Medical Affairs collaborates across functions to deliver integrated evidence generation plans and, ultimately, timely and relevant evidence that supports informed decision-making throughout the product lifecycle. While company-sponsored randomized controlled trials remain the foundation of regulatory submissions and are critical for informing clinical practice, they often raise further questions from a variety of stakeholders. Regulators, clinicians, payers, policymakers, patients, guideline societies, and patient advocacy organizations may require additional evidence beyond that provided by company-sponsored trials.

As the demand for increased levels of evidence grows, so too has the role of Non- Company Sponsored Research (NCSR)— in which a pharmaceutical company partners with an external organization or investigator who acts as the regulatory sponsor. NCSR encompasses Externally Sponsored Collaborative Research (Collaborative Research) and Investigator- Initiated Research (IIR) and has become well-established as a strategic asset in integrated evidence generation.

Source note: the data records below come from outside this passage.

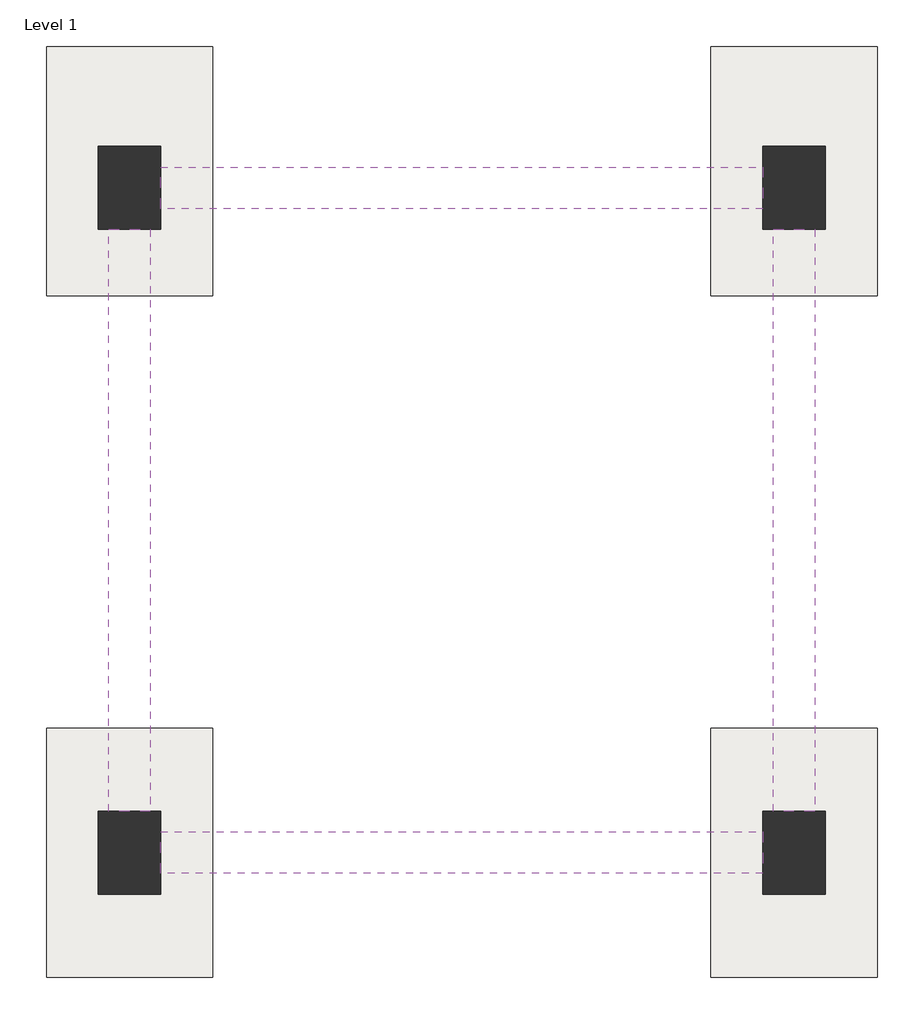
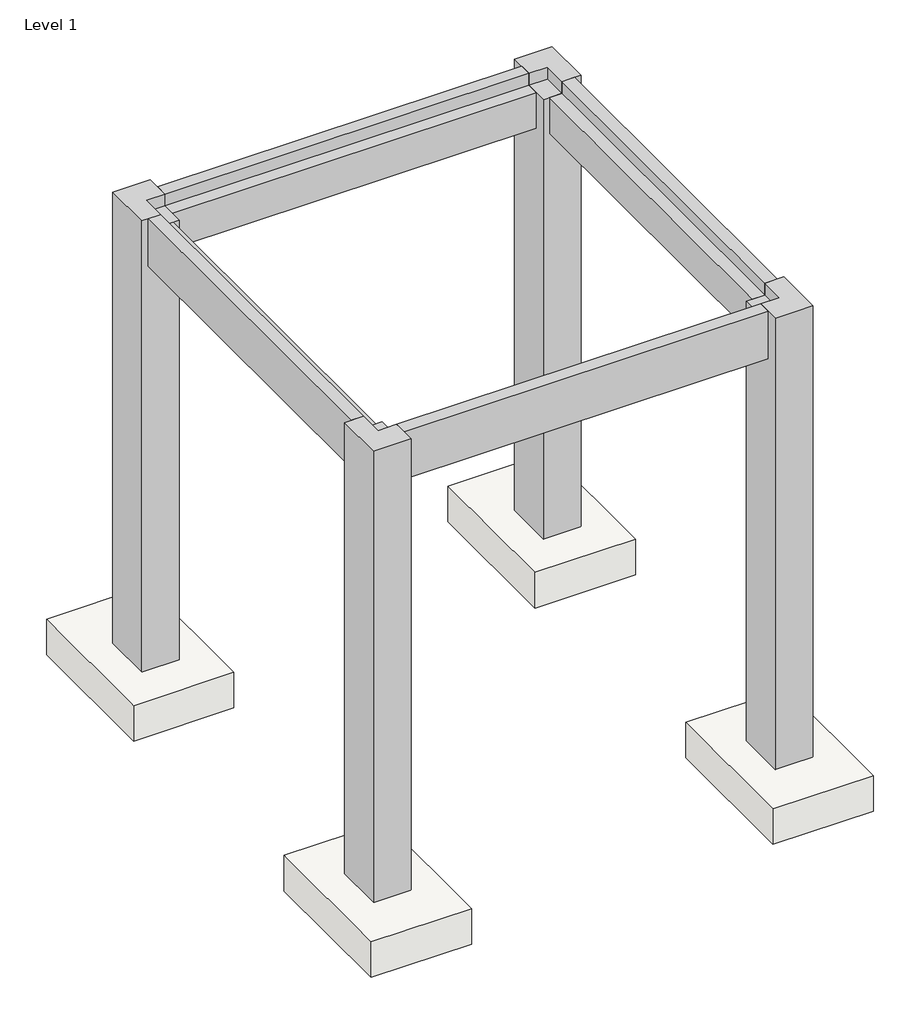
# One storey: 4 beams, 4 columns, 4 slabs.
"""IFC4 building model written with IfcOpenShell, lengths in millimetres."""

import ifcopenshell
import ifcopenshell.guid

model = None  # the IFC model being written
_history = None  # IfcOwnerHistory: only IFC2X3 demands one
_inside = {}  # id of a spatial element -> (the spatial element, [elements in it])
_under = {}  # id of a project, library or spatial element -> (it, [spatial elements below it])
_declared = {}  # id of a project -> (the project, [libraries it declares])
_typed = {}  # id of a type object -> (the type object, [elements of that type])
_made_of = {}  # id of a material, layer set ... -> (it, [elements and type objects made of it])


def new_model(schema):
    """Start an empty IFC model of exactly this schema.

    Asked for "IFC4X3", IfcOpenShell would pick the latest addendum, in which some entities
    have other attributes; the version numbers below select the first issue.
    IFC2X3 requires an IfcOwnerHistory on every rooted entity: one is made here for all.
    """
    global model, _history
    if schema == "IFC4X3":
        model = ifcopenshell.file(schema_version=(4, 3, 0, 0))
    else:
        model = ifcopenshell.file(schema=schema)
    _inside.clear()
    _under.clear()
    _declared.clear()
    _typed.clear()
    _made_of.clear()
    _history = None
    if model.schema == "IFC2X3":
        org = make("IfcOrganization", Name="unknown")
        user = make(
            "IfcPersonAndOrganization",
            ThePerson=make("IfcPerson", FamilyName="unknown"),
            TheOrganization=org,
        )
        app = make(
            "IfcApplication",
            ApplicationDeveloper=org,
            Version="unknown",
            ApplicationFullName="unknown",
            ApplicationIdentifier="unknown",
        )
        _history = make(
            "IfcOwnerHistory",
            OwningUser=user,
            OwningApplication=app,
            ChangeAction="ADDED",
            CreationDate=0,
        )
    return model


def make(cls, **values):
    """One entity of the class cls with the attributes given. An attribute that is None is left unset."""
    return model.create_entity(
        cls, **{name: value for name, value in values.items() if value is not None}
    )


def rooted(cls, **values):
    """An entity with a GlobalId (a new one), such as an element, a storey or a relation."""
    return make(cls, GlobalId=ifcopenshell.guid.new(), OwnerHistory=_history, **values)


def si_unit(unit_type, name, prefix=None):
    """IfcSIUnit, for example si_unit("LENGTHUNIT", "METRE", prefix="MILLI")."""
    return make("IfcSIUnit", UnitType=unit_type, Prefix=prefix, Name=name)


def assignment(units):
    """IfcUnitAssignment: the units of a project."""
    return None if units is None else make("IfcUnitAssignment", Units=units)


def point(xyz):
    """IfcCartesianPoint."""
    return None if xyz is None else make("IfcCartesianPoint", Coordinates=xyz)


def direction(xyz):
    """IfcDirection."""
    return None if xyz is None else make("IfcDirection", DirectionRatios=xyz)


def frame(location, z_axis=None, x_axis=None):
    """IfcAxis2Placement3D, a coordinate frame: its origin and axes. An axis left out is left unset."""
    return make(
        "IfcAxis2Placement3D",
        Location=point(location),
        Axis=direction(z_axis),
        RefDirection=direction(x_axis),
    )


def origin():
    """The frame at (0, 0, 0) with its axes left unset."""
    return frame((0.0, 0.0, 0.0))


def place(relative_to, where):
    """IfcLocalPlacement: puts the frame where relative to a parent placement (None: the world)."""
    return make(
        "IfcLocalPlacement", PlacementRelTo=relative_to, RelativePlacement=where
    )


def context(
    kind, dimensions, precision=None, world=None, true_north=None, identifier=None
):
    """IfcGeometricRepresentationContext, for example the 3D "Model" context."""
    return make(
        "IfcGeometricRepresentationContext",
        ContextIdentifier=identifier,
        ContextType=kind,
        CoordinateSpaceDimension=dimensions,
        Precision=precision,
        WorldCoordinateSystem=world,
        TrueNorth=true_north,
    )


def project(units=None, contexts=None):
    """IfcProject with its units and contexts."""
    return rooted(
        "IfcProject",
        Name="project",
        RepresentationContexts=contexts,
        UnitsInContext=assignment(units),
    )


def spatial(cls, under=None, at=None, **own):
    """A site, building, storey or space (cls), placed at a placement, below another one or the project."""
    s = rooted(cls, ObjectPlacement=at, **own)
    if under is not None:
        _under.setdefault(under.id(), (under, []))[1].append(s)
    return s


def polyline(points):
    """IfcPolyline through the points."""
    return make("IfcPolyline", Points=[point(p) for p in points])


def outline(outer, holes=None, kind="AREA"):
    """IfcArbitraryClosedProfileDef: a profile drawn as a closed curve; with holes, ...WithVoids."""
    if holes is None:
        return make("IfcArbitraryClosedProfileDef", ProfileType=kind, OuterCurve=outer)
    return make(
        "IfcArbitraryProfileDefWithVoids",
        ProfileType=kind,
        OuterCurve=outer,
        InnerCurves=holes,
    )


def extrude(swept, where, along, depth):
    """IfcExtrudedAreaSolid: the profile swept, set in the frame where, extruded along a direction by depth."""
    return make(
        "IfcExtrudedAreaSolid",
        SweptArea=swept,
        Position=where,
        ExtrudedDirection=direction(along),
        Depth=depth,
    )


def faces_of(points, faces, orient=None, outer=None):
    """IfcFace entities. A face is a list of loops; a loop is a list of indices into points, from 0.

    orient and outer hold one flag for each loop. By default every Orientation is true, the
    first loop of a face is its IfcFaceOuterBound and the others are IfcFaceBound.
    """
    made = []
    for i, loops in enumerate(faces):
        bounds = []
        for j, loop in enumerate(loops):
            is_outer = j == 0 if outer is None else outer[i][j]
            bounds.append(
                make(
                    "IfcFaceOuterBound" if is_outer else "IfcFaceBound",
                    Bound=make("IfcPolyLoop", Polygon=[points[k] for k in loop]),
                    Orientation=True if orient is None else orient[i][j],
                )
            )
        made.append(make("IfcFace", Bounds=bounds))
    return made


def faceted_brep(points, faces, orient=None, outer=None, voids=None):
    """IfcFacetedBrep: a solid bounded by flat faces; with voids (closed shells), ...WithVoids."""
    shared = [point(p) for p in points]
    hull = make("IfcClosedShell", CfsFaces=faces_of(shared, faces, orient, outer))
    if voids is None:
        return make("IfcFacetedBrep", Outer=hull)
    return make(
        "IfcFacetedBrepWithVoids",
        Outer=hull,
        Voids=[
            make(cls, CfsFaces=faces_of(shared, fs, o, b)) for cls, fs, o, b in voids
        ],
    )


def shape(context_of_items, identifier, shape_type, items):
    """IfcShapeRepresentation: the items that make up one representation, for example the "Body"."""
    return make(
        "IfcShapeRepresentation",
        ContextOfItems=context_of_items,
        RepresentationIdentifier=identifier,
        RepresentationType=shape_type,
        Items=items,
    )


def source(mapping_origin, context_of_items, identifier, shape_type, items):
    """IfcRepresentationMap: a shape defined once, which mapped items show again and again."""
    return make(
        "IfcRepresentationMap",
        MappingOrigin=mapping_origin,
        MappedRepresentation=shape(context_of_items, identifier, shape_type, items),
    )


def transform(
    local_origin,
    x_axis=None,
    y_axis=None,
    z_axis=None,
    scale=None,
    scale2=None,
    scale3=None,
    uniform=True,
):
    """IfcCartesianTransformationOperator3D, or its non-uniform kind. x_axis, y_axis, z_axis: its Axis1, 2, 3."""
    if uniform:
        return make(
            "IfcCartesianTransformationOperator3D",
            Axis1=direction(x_axis),
            Axis2=direction(y_axis),
            LocalOrigin=point(local_origin),
            Scale=scale,
            Axis3=direction(z_axis),
        )
    return make(
        "IfcCartesianTransformationOperator3DnonUniform",
        Axis1=direction(x_axis),
        Axis2=direction(y_axis),
        LocalOrigin=point(local_origin),
        Scale=scale,
        Axis3=direction(z_axis),
        Scale2=scale2,
        Scale3=scale3,
    )


def mapped(mapping_source, mapping_target):
    """IfcMappedItem: shows the shape of a source again, moved by a transform."""
    return make(
        "IfcMappedItem", MappingSource=mapping_source, MappingTarget=mapping_target
    )


def made_of(thing, what):
    """Note that an element or type object is made of a material, layer set ...; save() writes the relation."""
    if what is not None:
        _made_of.setdefault(what.id(), (what, []))[1].append(thing)
    return thing


def element(
    cls,
    number,
    at=None,
    inside=None,
    cuts=None,
    type_object=None,
    material=None,
    context=None,
    identifier="Body",
    shape_type=None,
    held_by="IfcProductDefinitionShape",
    body=None,
    shapes=None,
    **own,
):
    """One element of the class cls, such as IfcWall. Its Tag is "e" and its number.

    at: its placement. inside: the storey or other place that contains it. cuts: it is an
    opening in that element (IfcRelVoidsElement). A single representation is given by context,
    identifier, shape_type and body (its items); several are given by shapes. held_by: the class
    of the entity that holds the representations. save() writes the other relations.
    """
    e = rooted(cls, Tag="e%d" % number, ObjectPlacement=at, **own)
    if body is not None:
        shapes = [shape(context, identifier, shape_type, body)]
    if shapes is not None:
        e.Representation = make(held_by, Representations=shapes)
    if inside is not None:
        _inside.setdefault(inside.id(), (inside, []))[1].append(e)
    if cuts is not None:
        rooted(
            "IfcRelVoidsElement", RelatingBuildingElement=cuts, RelatedOpeningElement=e
        )
    if type_object is not None:
        _typed.setdefault(type_object.id(), (type_object, []))[1].append(e)
    return made_of(e, material)


def aggregate(whole, parts):
    """IfcRelAggregates: a whole, such as a stair, and the parts it consists of."""
    return rooted("IfcRelAggregates", RelatingObject=whole, RelatedObjects=parts)


def save(model, path):
    """Write the relations noted so far, then the file.

    IfcRelAggregates (storeys below a building ...), IfcRelContainedInSpatialStructure (elements
    in a storey), IfcRelDefinesByType, IfcRelAssociatesMaterial and IfcRelDeclares: one each for
    every whole, place, type object, material and project.
    """
    for whole, parts in _under.values():
        aggregate(whole, parts)
    for where, things in _inside.values():
        rooted(
            "IfcRelContainedInSpatialStructure",
            RelatedElements=things,
            RelatingStructure=where,
        )
    for kind, things in _typed.values():
        rooted("IfcRelDefinesByType", RelatedObjects=things, RelatingType=kind)
    for what, things in _made_of.values():
        rooted("IfcRelAssociatesMaterial", RelatedObjects=things, RelatingMaterial=what)
    for by, libraries in _declared.values():
        rooted("IfcRelDeclares", RelatingContext=by, RelatedDefinitions=libraries)
    model.write(path)


def slab_5ba74754(model_context):
    return source(origin(), model_context, "Body", "SweptSolid", [
        extrude(outline(polyline([(609.6, 914.4), (609.6, -914.4), (-609.6, -914.4), (-609.6, 914.4), (609.6, 914.4)])), frame((0.0, 0.0, -457.2), z_axis=(0.0, 0.0, 1.0), x_axis=(1.0, 0.0, 0.0)), (0.0, 0.0, 1.0), 457.2),
    ])


model = new_model("IFC4")

# Units and contexts
model_context = context("Model", 3, world=origin())
ifc_project = project(units=[si_unit("LENGTHUNIT", "METRE", prefix="MILLI")], contexts=[model_context])

# Site, building, storey
site = spatial("IfcSite", under=ifc_project)
building = spatial("IfcBuilding", under=site)
storey = spatial("IfcBuildingStorey", under=building, Name="Level 1", Elevation=0.0)

# Beams
placement = place(None, origin())
element("IfcBeam", 1, ObjectType="Concrete-Rectangular Beam : 12 x 24", at=placement, inside=storey, context=model_context, shape_type="SweptSolid", body=[
    extrude(outline(polyline([(786.0323826, 2438.4), (786.0323826, 3048.0), (938.4323826, 3048.0), (938.4323826, 2895.6), (1090.8323826, 2895.6), (1090.8323826, 2438.4), (786.0323826, 2438.4)])), frame((-11045.0800525, 0.0, 0.0), z_axis=(1.0, 0.0, 0.0), x_axis=(0.0, 1.0, 0.0)), (0.0, 0.0, 1.0), 4419.6),
])
element("IfcBeam", 2, ObjectType="Concrete-Rectangular Beam : 12 x 24", at=placement, inside=storey, context=model_context, shape_type="SweptSolid", body=[
    extrude(outline(polyline([(5967.6323826, 3048.0), (5967.6323826, 2438.4), (5662.8323826, 2438.4), (5662.8323826, 2895.6), (5815.2323826, 2895.6), (5815.2323826, 3048.0), (5967.6323826, 3048.0)])), frame((-11045.0800525, 0.0, 0.0), z_axis=(1.0, 0.0, 0.0), x_axis=(0.0, 1.0, 0.0)), (0.0, 0.0, 1.0), 4419.6),
])
element("IfcBeam", 3, ObjectType="Concrete-Rectangular Beam : 12 x 24", at=placement, inside=storey, context=model_context, shape_type="SweptSolid", body=[
    extrude(outline(polyline([(2438.4, -11426.0800525), (2438.4, -11121.2800525), (2895.6, -11121.2800525), (2895.6, -11273.6800525), (3048.0, -11273.6800525), (3048.0, -11426.0800525), (2438.4, -11426.0800525)])), frame((0.0, 1243.2323826, 0.0), z_axis=(0.0, 1.0, 0.0), x_axis=(0.0, 0.0, 1.0)), (0.0, 0.0, 1.0), 4267.2),
])
element("IfcBeam", 4, ObjectType="Concrete-Rectangular Beam : 12 x 24", at=placement, inside=storey, context=model_context, shape_type="SweptSolid", body=[
    extrude(outline(polyline([(2438.4, -6244.4800525), (3048.0, -6244.4800525), (3048.0, -6396.8800525), (2895.6, -6396.8800525), (2895.6, -6549.2800525), (2438.4, -6549.2800525), (2438.4, -6244.4800525)])), frame((0.0, 1243.2323826, 0.0), z_axis=(0.0, 1.0, 0.0), x_axis=(0.0, 0.0, 1.0)), (0.0, 0.0, 1.0), 4267.2),
])

# Columns
element("IfcColumn", 5, ObjectType="Concrete-Rectangular-Column : 18 x 24", at=placement, inside=storey, context=model_context, shape_type="Brep", body=[
    faceted_brep([(-11045.0800525, 6120.0323826, 3048.0), (-11502.2800525, 6120.0323826, 3048.0), (-11502.2800525, 5510.4323826, 3048.0), (-11273.6800525, 5510.4323826, 3048.0), (-11273.6800525, 5815.2323826, 3048.0), (-11045.0800525, 5815.2323826, 3048.0), (-11045.0800525, 6120.0323826, -2743.2), (-11045.0800525, 5510.4323826, -2743.2), (-11502.2800525, 5510.4323826, -2743.2), (-11502.2800525, 6120.0323826, -2743.2), (-11045.0800525, 5510.4323826, 2895.6), (-11273.6800525, 5510.4323826, 2895.6), (-11045.0800525, 5815.2323826, 2895.6), (-11273.6800525, 5815.2323826, 2895.6)], [[[0, 1, 2, 3, 4, 5]], [[6, 7, 8, 9]], [[1, 0, 6, 9]], [[2, 1, 9, 8]], [[8, 7, 10, 11, 3, 2]], [[7, 6, 0, 5, 12, 10]], [[13, 11, 10, 12]], [[4, 13, 12, 5]], [[13, 4, 3, 11]]]),
])
element("IfcColumn", 6, ObjectType="Concrete-Rectangular-Column : 18 x 24", at=placement, inside=storey, context=model_context, shape_type="Brep", body=[
    faceted_brep([(-6168.2800525, 6120.0323826, 3048.0), (-6625.4800525, 6120.0323826, 3048.0), (-6625.4800525, 5815.2323826, 3048.0), (-6396.8800525, 5815.2323826, 3048.0), (-6396.8800525, 5510.4323826, 3048.0), (-6168.2800525, 5510.4323826, 3048.0), (-6168.2800525, 6120.0323826, -2743.2), (-6168.2800525, 5510.4323826, -2743.2), (-6625.4800525, 5510.4323826, -2743.2), (-6625.4800525, 6120.0323826, -2743.2), (-6625.4800525, 5510.4323826, 2895.6), (-6625.4800525, 5815.2323826, 2895.6), (-6396.8800525, 5510.4323826, 2895.6), (-6396.8800525, 5815.2323826, 2895.6)], [[[0, 1, 2, 3, 4, 5]], [[6, 7, 8, 9]], [[1, 0, 6, 9]], [[9, 8, 10, 11, 2, 1]], [[8, 7, 5, 4, 12, 10]], [[0, 5, 7, 6]], [[12, 13, 11, 10]], [[13, 3, 2, 11]], [[3, 13, 12, 4]]]),
])
element("IfcColumn", 7, ObjectType="Concrete-Rectangular-Column : 18 x 24", at=placement, inside=storey, context=model_context, shape_type="Brep", body=[
    faceted_brep([(-11502.2800525, 1243.2323826, 3048.0), (-11502.2800525, 633.6323826, 3048.0), (-11045.0800525, 633.6323826, 3048.0), (-11045.0800525, 938.4323826, 3048.0), (-11273.6800525, 938.4323826, 3048.0), (-11273.6800525, 1243.2323826, 3048.0), (-11045.0800525, 1243.2323826, -2743.2), (-11045.0800525, 633.6323826, -2743.2), (-11502.2800525, 633.6323826, -2743.2), (-11502.2800525, 1243.2323826, -2743.2), (-11273.6800525, 1243.2323826, 2895.6), (-11045.0800525, 1243.2323826, 2895.6), (-11045.0800525, 938.4323826, 2895.6), (-11273.6800525, 938.4323826, 2895.6)], [[[0, 1, 2, 3, 4, 5]], [[6, 7, 8, 9]], [[6, 9, 0, 5, 10, 11]], [[1, 0, 9, 8]], [[2, 1, 8, 7]], [[7, 6, 11, 12, 3, 2]], [[10, 13, 12, 11]], [[13, 4, 3, 12]], [[4, 13, 10, 5]]]),
])
element("IfcColumn", 8, ObjectType="Concrete-Rectangular-Column : 18 x 24", at=placement, inside=storey, context=model_context, shape_type="Brep", body=[
    faceted_brep([(-6625.4800525, 633.6323826, 3048.0), (-6168.2800525, 633.6323826, 3048.0), (-6168.2800525, 1243.2323826, 3048.0), (-6396.8800525, 1243.2323826, 3048.0), (-6396.8800525, 938.4323826, 3048.0), (-6625.4800525, 938.4323826, 3048.0), (-6168.2800525, 1243.2323826, -2743.2), (-6168.2800525, 633.6323826, -2743.2), (-6625.4800525, 633.6323826, -2743.2), (-6625.4800525, 1243.2323826, -2743.2), (-6625.4800525, 1243.2323826, 2895.6), (-6396.8800525, 1243.2323826, 2895.6), (-6625.4800525, 938.4323826, 2895.6), (-6396.8800525, 938.4323826, 2895.6)], [[[0, 1, 2, 3, 4, 5]], [[6, 7, 8, 9]], [[6, 9, 10, 11, 3, 2]], [[9, 8, 0, 5, 12, 10]], [[1, 0, 8, 7]], [[2, 1, 7, 6]], [[12, 13, 11, 10]], [[13, 4, 3, 11]], [[4, 13, 12, 5]]]),
])

# Slabs
slab_shape = slab_5ba74754(model_context)
element("IfcSlab", 9, ObjectType="Footing-Rectangular : 72\" x 48\" x 18\"", at=placement, inside=storey, context=model_context, shape_type="MappedRepresentation", body=[
    mapped(slab_shape, transform((-11273.6800525, 5938.4323826, -2743.2), x_axis=(1.0, 0.0, 0.0), y_axis=(0.0, 1.0, 0.0), z_axis=(0.0, 0.0, 1.0))),
])
element("IfcSlab", 10, ObjectType="Footing-Rectangular : 72\" x 48\" x 18\"", at=placement, inside=storey, context=model_context, shape_type="MappedRepresentation", body=[
    mapped(slab_shape, transform((-6396.8800525, 5938.4323826, -2743.2), x_axis=(1.0, 0.0, 0.0), y_axis=(0.0, 1.0, 0.0), z_axis=(0.0, 0.0, 1.0))),
])
element("IfcSlab", 11, ObjectType="Footing-Rectangular : 72\" x 48\" x 18\"", at=placement, inside=storey, context=model_context, shape_type="MappedRepresentation", body=[
    mapped(slab_shape, transform((-11273.6800525, 938.4323826, -2743.2), x_axis=(1.0, 0.0, 0.0), y_axis=(0.0, 1.0, 0.0), z_axis=(0.0, 0.0, 1.0))),
])
element("IfcSlab", 12, ObjectType="Footing-Rectangular : 72\" x 48\" x 18\"", at=placement, inside=storey, context=model_context, shape_type="MappedRepresentation", body=[
    mapped(slab_shape, transform((-6396.8800525, 938.4323826, -2743.2), x_axis=(1.0, 0.0, 0.0), y_axis=(0.0, 1.0, 0.0), z_axis=(0.0, 0.0, 1.0))),
])

save(model, "model.ifc")

# Revit data of these elements
# Project information
#   Project Issue Date = "Issue Date"
#   Project Status = "Project Status"
#   Client Name = "Owner"
#   Project Address = "Enter address here"
#   Project Name = "Project Name"
#   Project Number = "Project Number"
# Grids (mm)
#   "1": line (9019.216, 5815.232) -> (-21563.036, 5815.232)
#   "2": line (-11273.68, -9686.145) -> (-11273.68, 17085.235)
#   "3": line (-6396.88, 17085.235) -> (-6396.88, -9686.145)
#   "4.78": line (9019.216, 938.432) -> (-21563.036, 938.432)
# Type "Concrete-Rectangular Beam : 12 x 24"
#   Assembly Code = "B10"
#   Length [instance default] = 1.524 m
#   b = 0.3048 m
#   h = 0.6096 m
#   Structural Material [instance default] = Concrete - Cast-in-Place Concrete
# Type "Concrete-Rectangular-Column : 18 x 24"
#   Assembly Code = "B10"
#   b = 0.4572 m
#   h = 0.6096 m
#   Structural Material [instance default] = Concrete - Cast-in-Place Concrete
# Type "Footing-Rectangular : 72\" x 48\" x 18\""
#   Assembly Code = "A1010100"
#   Width = 1.2192 m
#   Length = 1.8288 m
#   Thickness = 0.4572 m
#   Structural Material [instance default] = Concrete - Cast-in-Place Concrete
# Elements 1, 2, 3, 4 (IfcBeam, "Concrete-Rectangular Beam : 12 x 24")
#   Comments = ""
#   Structural Material = Concrete - Cast-in-Place Concrete
#   Phase Created = New Construction
#   Materials on its faces: "Concrete - Cast-in-Place Concrete"
# Elements 5, 6, 7, 8 (IfcColumn, "Concrete-Rectangular-Column : 18 x 24")
#   Structural Material = Concrete - Cast-in-Place Concrete
#   Phase Created = New Construction
#   Materials on its faces: "Concrete - Cast-in-Place Concrete"
# Element 9 (IfcSlab, "Footing-Rectangular : 72\" x 48\" x 18\"")
#   Structural Material = Concrete - Cast-in-Place Concrete
#   Phase Created = New Construction
#   Materials on its faces: "Concrete - Cast-in-Place Concrete"
# Elements 10, 11, 12 (IfcSlab, "Footing-Rectangular : 72\" x 48\" x 18\"")
#   Comments = ""
#   Structural Material = Concrete - Cast-in-Place Concrete
#   Phase Created = New Construction
#   Materials on its faces: "Concrete - Cast-in-Place Concrete"
# Materials
#   "Concrete - Cast-in-Place Concrete": class "Concrete", colour RGB 192 192 192, transparency 0

NCSR is positioned to address novel mechanistic and clinically relevant questions that inform decision-making, policy, and company strategy. These studies can generate data for patient populations that are underrepresented or excluded from pivotal trials, explore novel treatment combinations based on emerging data

more quickly than large trials, provide answers to practical questions encountered in clinical practice, and examine outcomes across geographically representative and diverse patient groups. Often, this is achieved through the generation of real-world evidence (RWE) in routine care settings.

This position paper provides a practical overview of how Medical Affairs teams can better leverage NCSR to address evolving stakeholder evidence needs. It outlines the different types of NCSR and explores how integrated evidence generation planning ensures alignment across functions.

When planned in coordination with broader evidence strategies, NCSR can be used strategically to fill evidence gaps, extend scientific knowledge, map product utility, understand patient experiences, and explore potential new indications. Key considerations are discussed—including strategic alignment, compliance and legal, and operational best practices— alongside common challenges and solutions gathered from MAPS subject matter experts within the Evidence Generation domain.